Aus diesem Grund hat Smith den Obersten Gerichtshof gebeten, sich mit dem Fall zu befassen, noch bevor ein Bundesberufungsgericht in Washington, D.C., mit der Angelegenheit befasst wird. Ein Abwarten der Entscheidung des Berufungsgerichts in einer Angelegenheit, bei der es so gut wie sicher ist, dass der Oberste Gerichtshof ohnehin angerufen wird, könnte dazu führen, dass der Bundesprozess weit über den geplanten Termin am 4. März 2024 hinausgeschoben wird, der jetzt auf Eis liegt.

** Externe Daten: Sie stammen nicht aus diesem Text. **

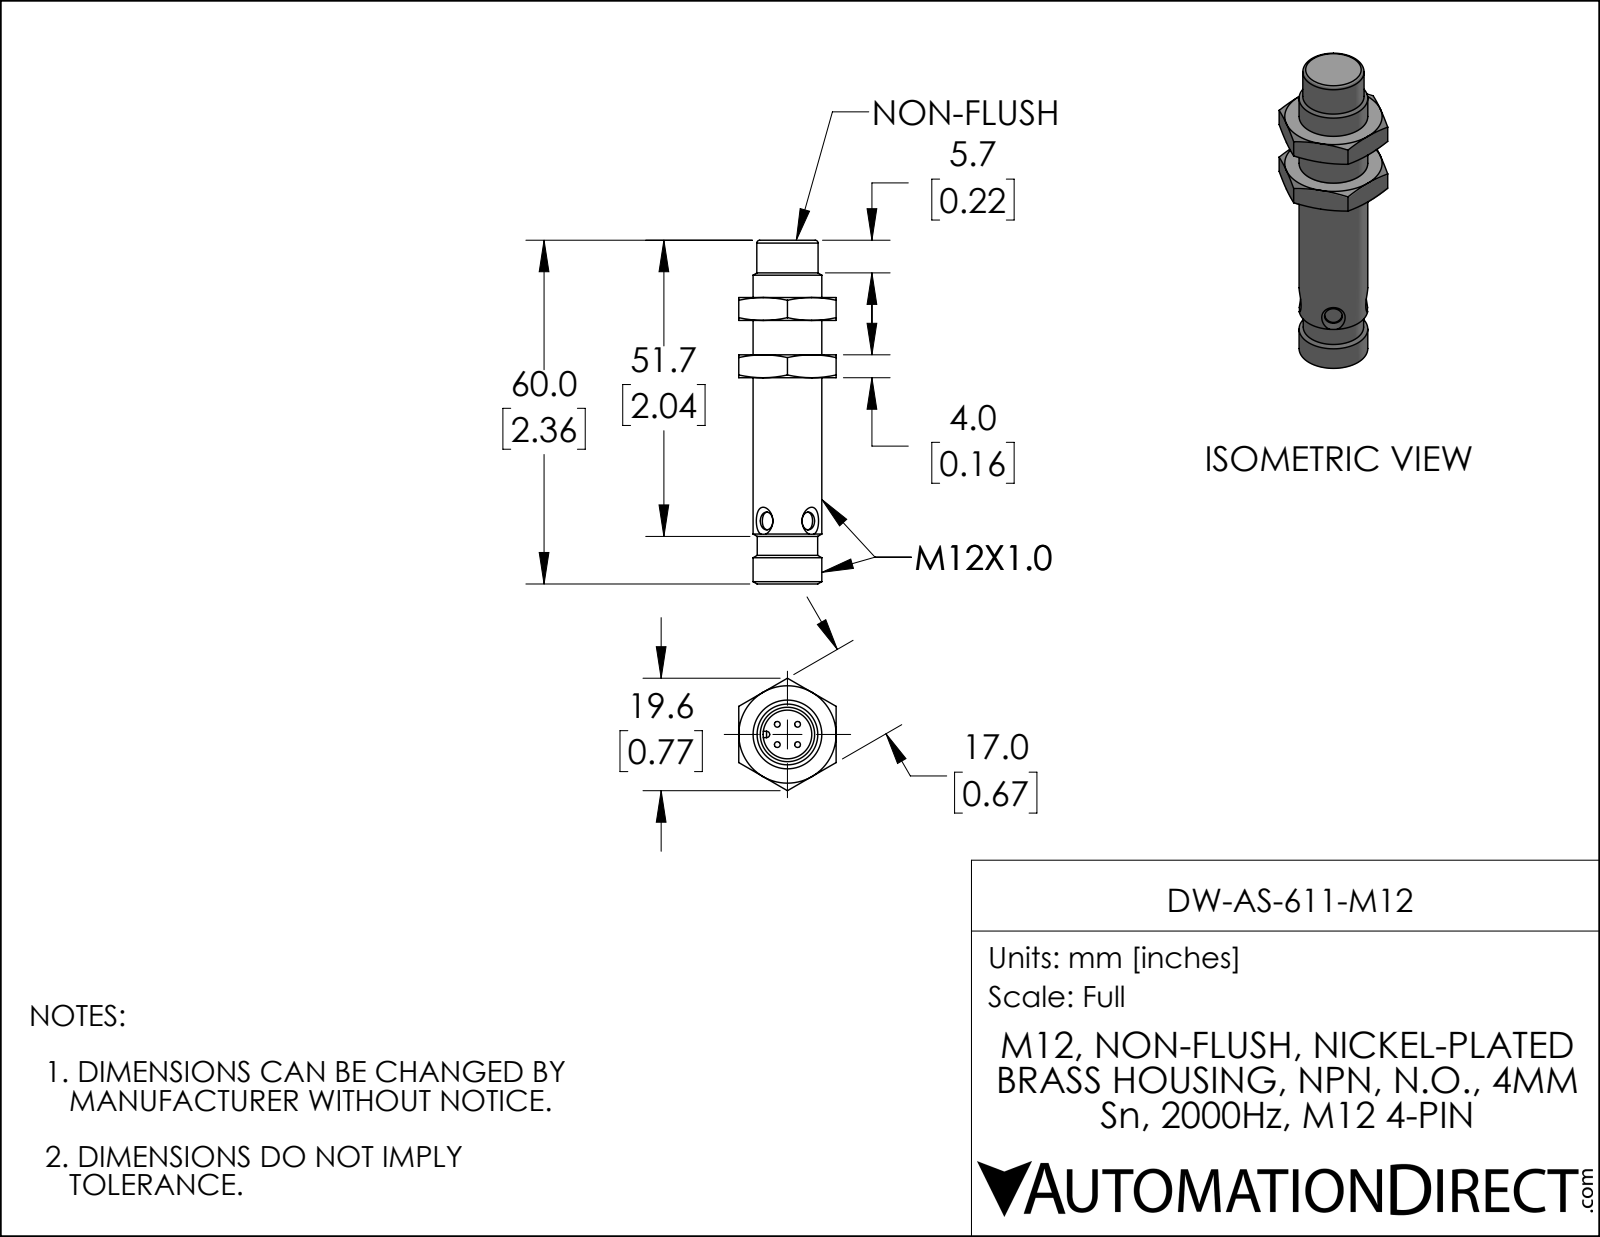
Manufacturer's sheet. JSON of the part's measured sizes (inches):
{"part_name": "DW-AS-611-M12", "step_written_by": "SolidWorks 2019 (AUTOMOTIVE_DESIGN)", "units": "inches", "bodies": {"solids": 1, "faces": 82, "planar": 22, "cylindrical": 21, "other": 39}, "overall_size": [2.362, 0.773, 0.669], "volume_in3": 0.434, "surface_area_in2": 5.407, "round_holes": [[0.122, 2], [0.335, 1]], "round_bosses_or_shafts": [[0.039, 4], [0.472, 1], [0.421, 1], [0.415, 1]], "partial_cylinders_radius": [[0.022, 2], [0.193, 1]], "face_to_face_distances": [0.394, 0.157, 0.669, 0.551, 0.236, 0.787, 0.945, 2.02, 1.626, 1.469]}

Trumps Anwälte haben keinen Hehl daraus gemacht, dass sie diesen Bundesprozess - und die anderen anstehenden Strafverfahren - gerne über die Wahlen im Jahr 2024 hinausschieben würden, bei denen sich Trump im Falle eines Sieges selbst begnadigen könnte.

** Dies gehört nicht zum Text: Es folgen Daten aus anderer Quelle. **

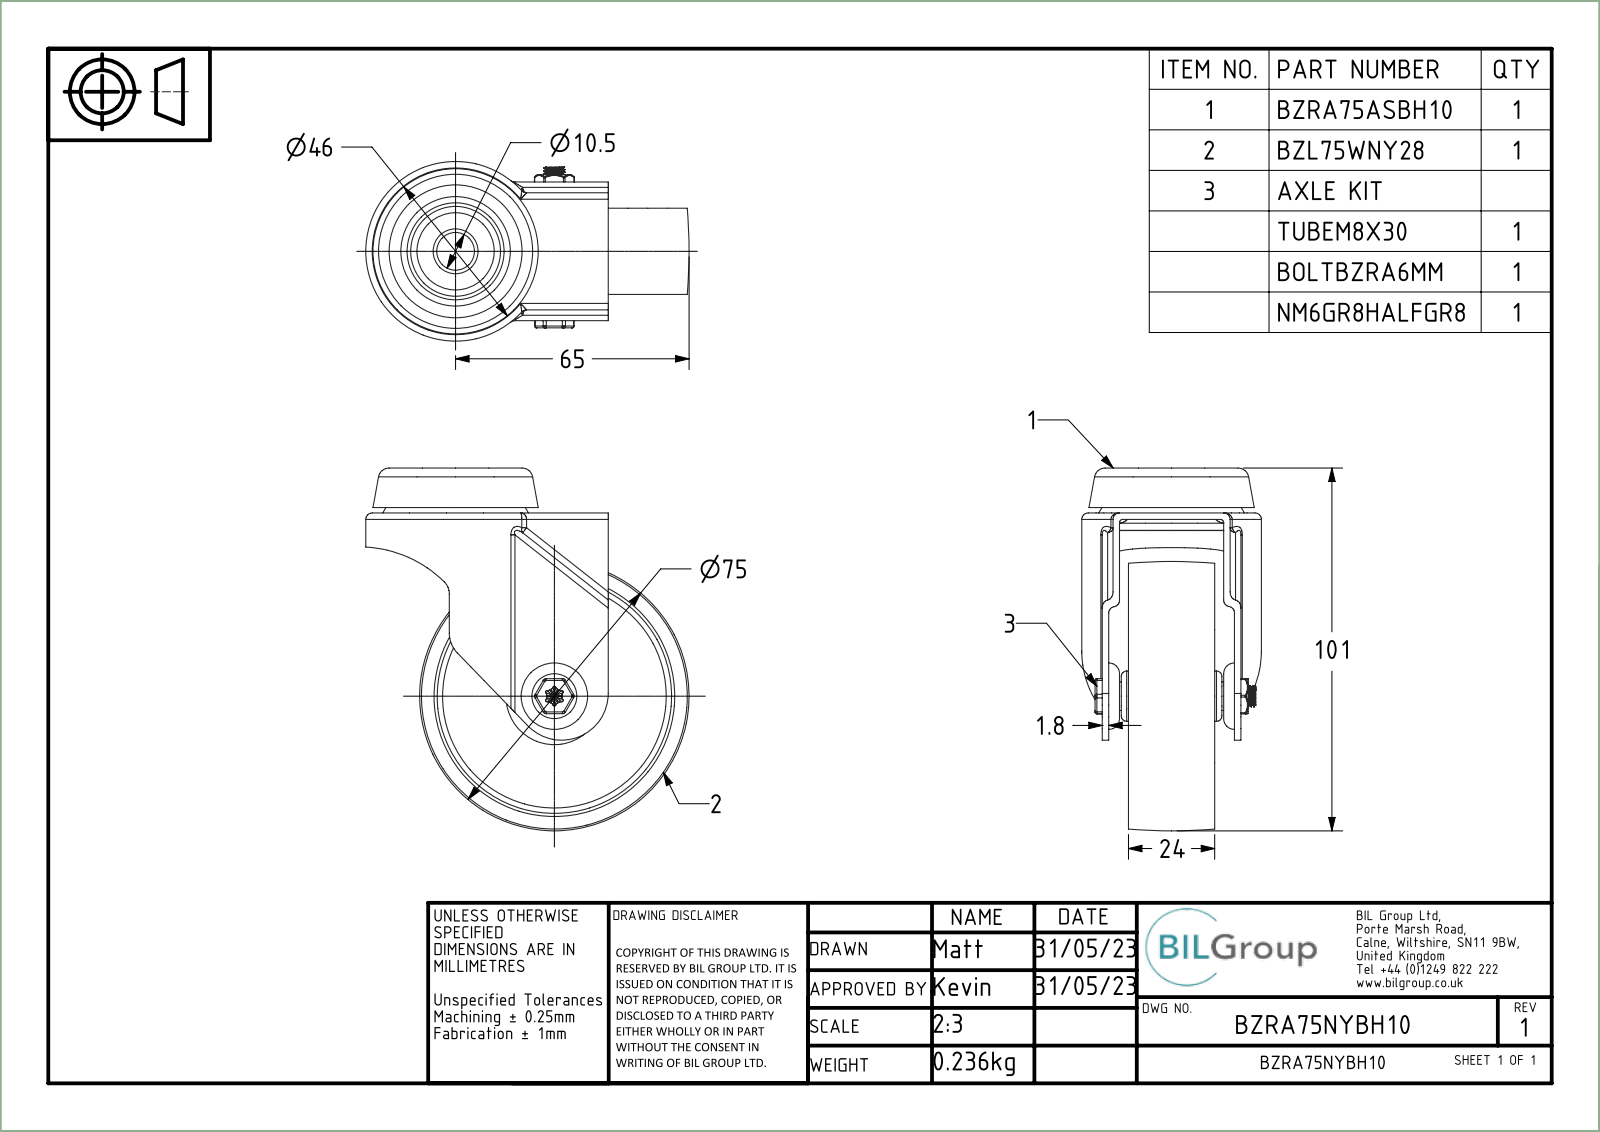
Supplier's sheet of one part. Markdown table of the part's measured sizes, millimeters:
| quantity | value |
| --- | --- |
| part name | BZRA75ASBH10; ZINC PLATED PRESSED STEEL FORKS; ZINC PLATED PRESSED STEEL HEAD; BZRA75NYBH10 (+8 more) |
| STEP written by | Spatial InterOp 3D (CONFIG_CONTROL_DESIGN) |
| units | millimeters |
| bodies | 6 solids, 386 faces (54 planar, 163 cylindrical, 169 other) |
| overall size | 101 × 90 × 50 |
| volume | 60 042 mm³ |
| surface area | 48 868 mm² |
| round holes (diameter × count) | 6 × 1, 6.3 × 1, 6.5 × 1, 8.2 × 1, 8.5 × 1, 10.5 × 1, 18 × 1, 19.5 × 1 |
| round bosses / shafts (diameter × count) | 22 × 1, 14 × 1, 8 × 1, 7.95 × 1, 5 × 1 |
| partial cylindrical surfaces (radius × count) | 1 × 18, 1.8 × 14, 0.5 × 12, 0.4 × 6, 0.9 × 6, 2.12 × 1, 4.63 × 1, 8 × 1 |
| main face-to-face distances | 1.8, 2, 3, 33.8, 20.3, 18.3, 11, 13, 7.3, 31.3 |
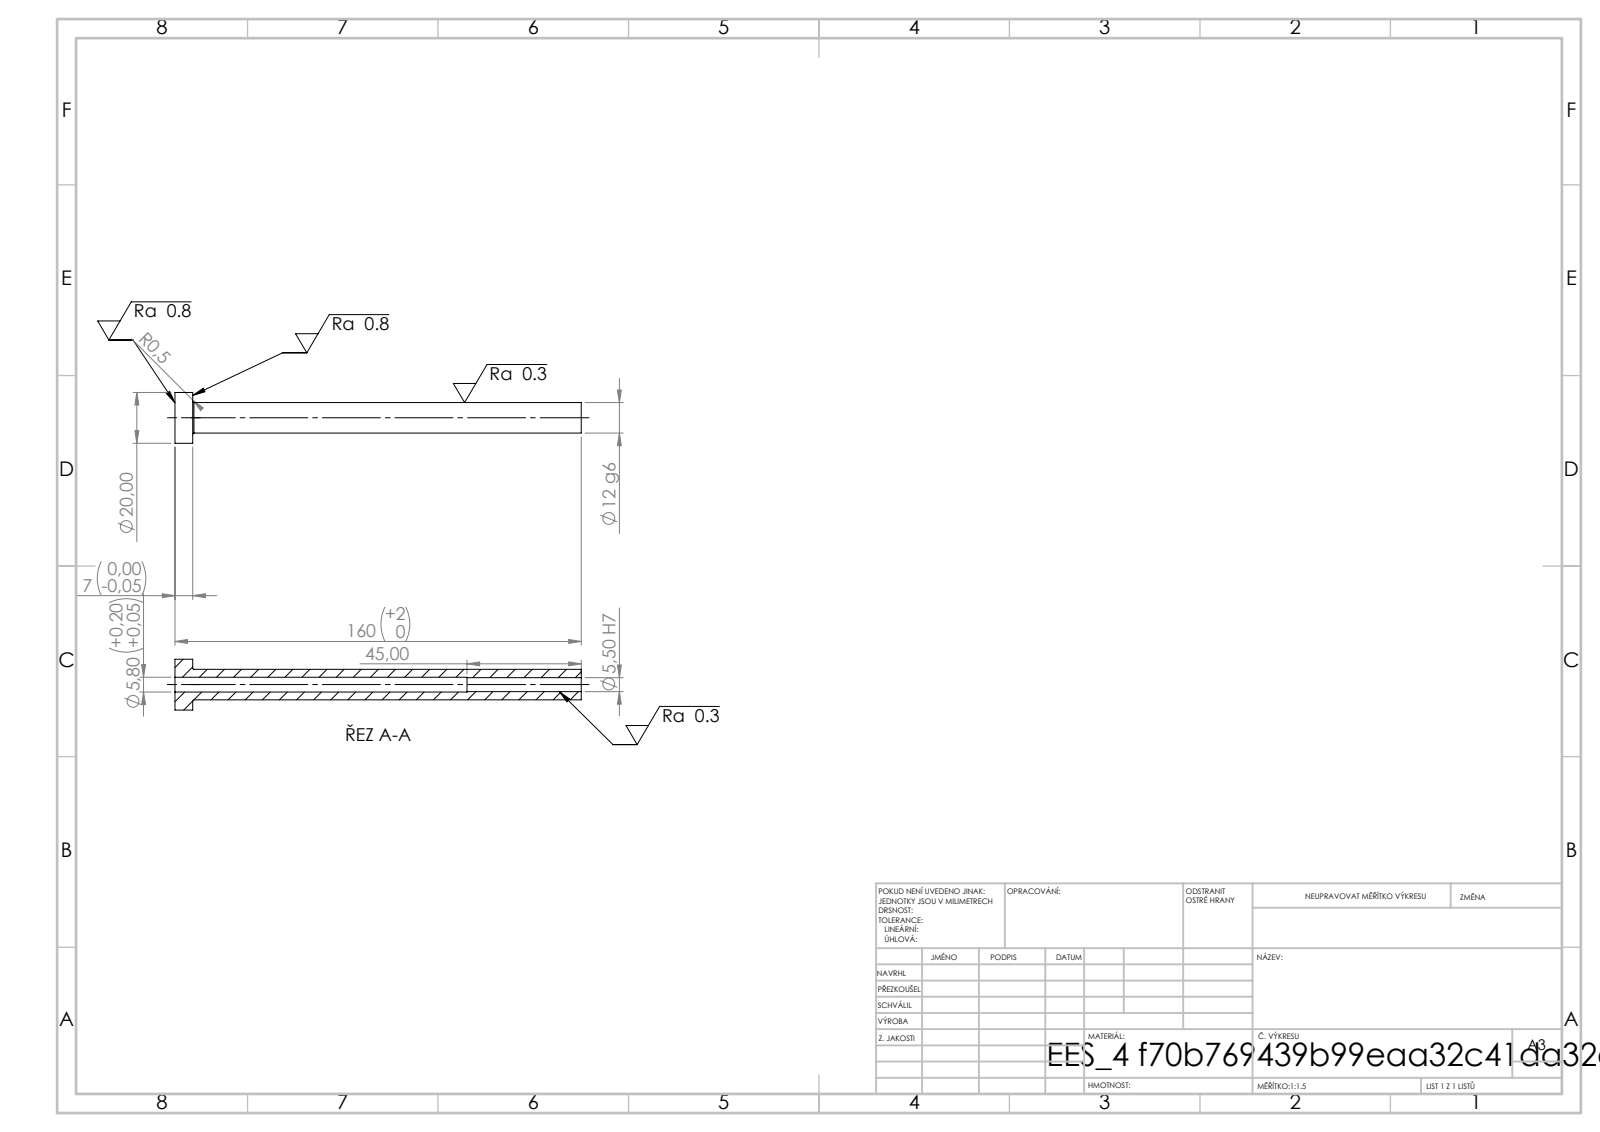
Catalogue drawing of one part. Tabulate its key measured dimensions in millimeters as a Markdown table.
| quantity | value |
| --- | --- |
| STEP written by | SolidWorks 2019 (CONFIG_CONTROL_DESIGN) |
| units | millimeters |
| bodies | 1 solid, 14 faces (4 planar, 8 cylindrical, 2 other) |
| overall size | 160 × 20 × 20 |
| volume | 15 398 mm³ |
| surface area | 9 654 mm² |
| round holes (diameter × count) | 5.5 × 1, 5.8 × 1 |
| round bosses / shafts (diameter × count) | 20 × 1, 12 × 1 |
| main face-to-face distances | 7, 160, 153, 115, 108, 45 |

"Es überrascht nicht, dass sich der Widerstand des ehemaligen Präsidenten Trump auf den Zeitpunkt der Überprüfung durch das Gericht konzentriert und nicht auf die Unvermeidlichkeit, dass das Gericht darüber entscheidet, ob er letztendlich immun gegen strafrechtliche Verfolgung ist", sagte Steve Vladeck, CNN-Analyst für den Obersten Gerichtshof und Professor an der University of Texas School of Law.

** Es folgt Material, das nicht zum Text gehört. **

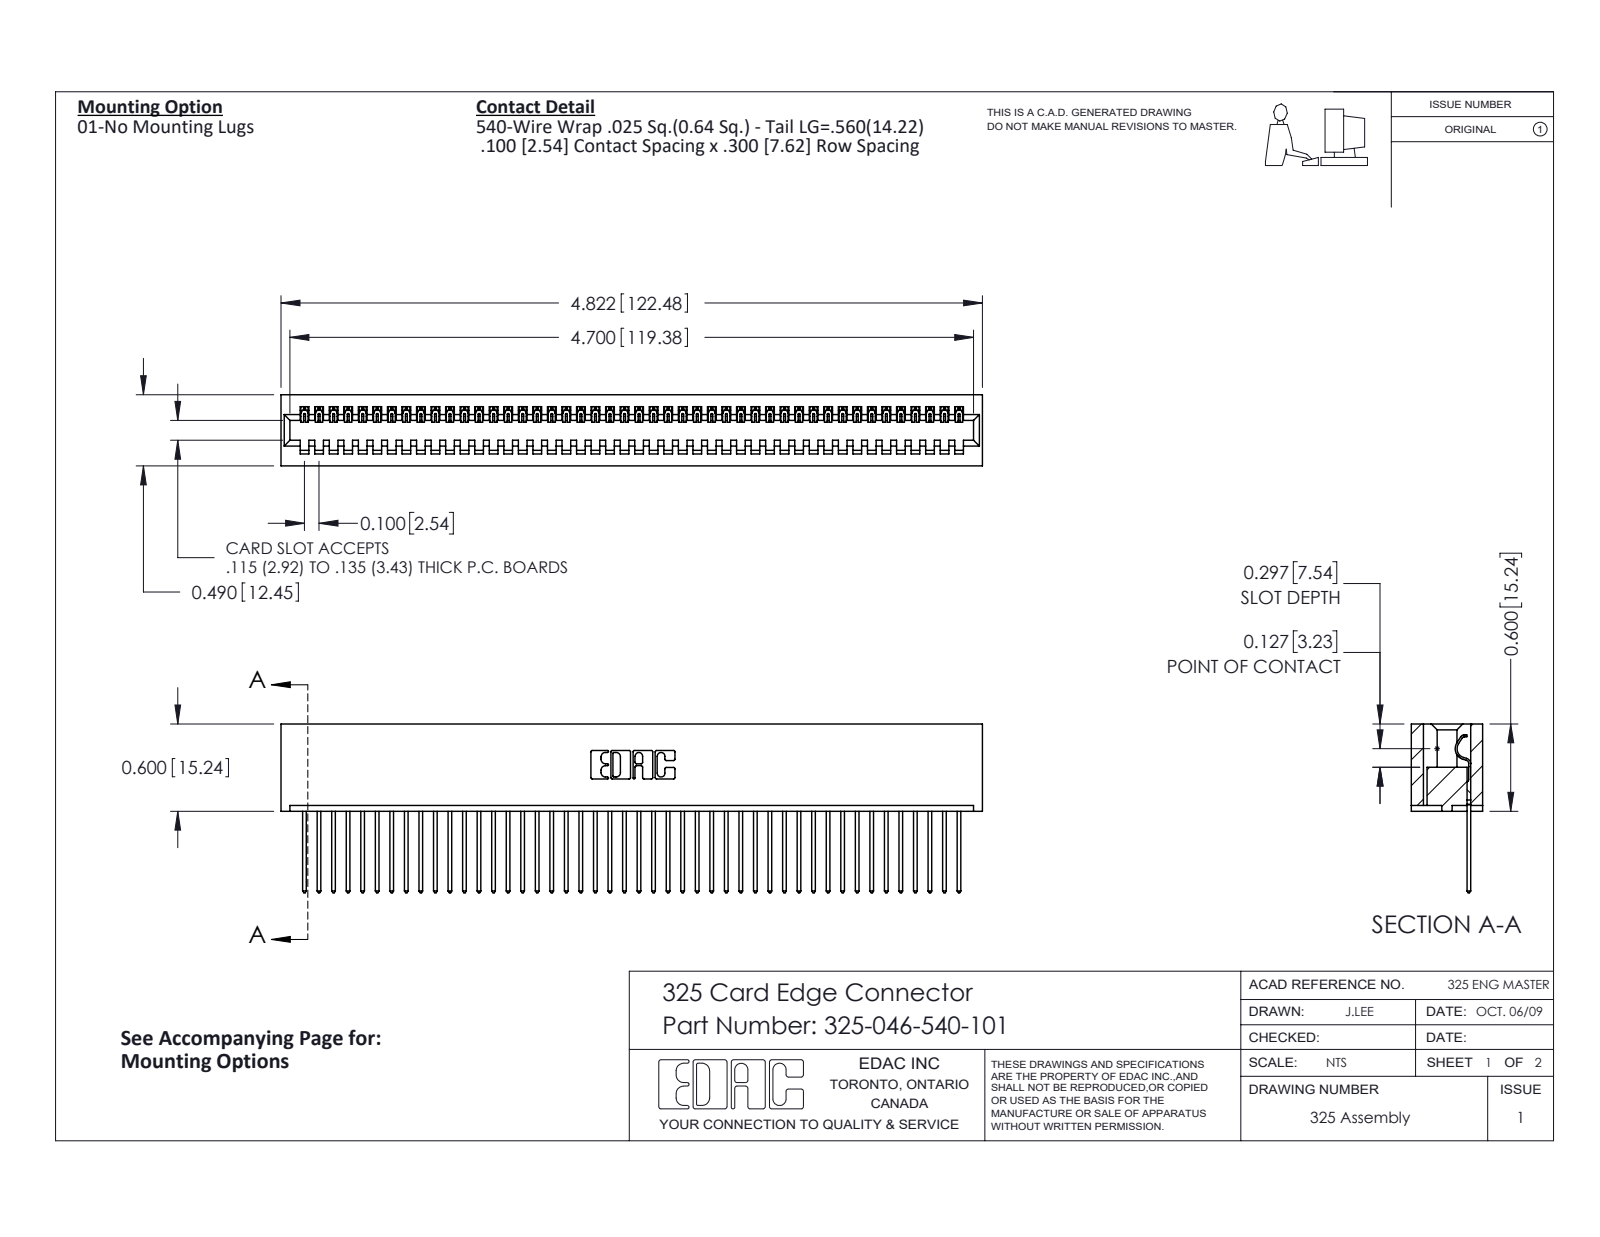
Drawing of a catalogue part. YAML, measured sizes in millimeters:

In ihrem Einspruch gegen Smiths Antrag beschworen Trumps Anwälte alle mögliche Empörung über Smiths Wunsch, den Zeitplan voranzutreiben, und behaupteten, der Sonderberater wolle das Gericht dazu bringen, eine Entscheidung "mit rücksichtsloser Hingabe" zu treffen.
"Der Sonderstaatsanwalt drängt dieses Gericht, die üblichen Verfahren zu umgehen, einschließlich der seit langem bestehenden Bevorzugung einer vorherigen Prüfung durch mindestens ein Berufungsgericht, und sich zu beeilen, um die Fragen mit rücksichtsloser Hingabe zu entscheiden", schrieben die Anwälte von Trump.
"Die Tatsache, dass dieser Fall in den Strudel der politischen Auseinandersetzung gerät, rechtfertigt Vorsicht, nicht Eile", fügten die Anwälte von Trump hinzu.
Eine Schlüsselrolle für den Obersten Gerichtshof im Jahr 2024
In Colorado hat Trump unterdessen bis zum 4. Januar Zeit, die Entscheidung des Obersten Gerichtshofs des Bundesstaates vor dem Obersten Gerichtshof der USA anzufechten.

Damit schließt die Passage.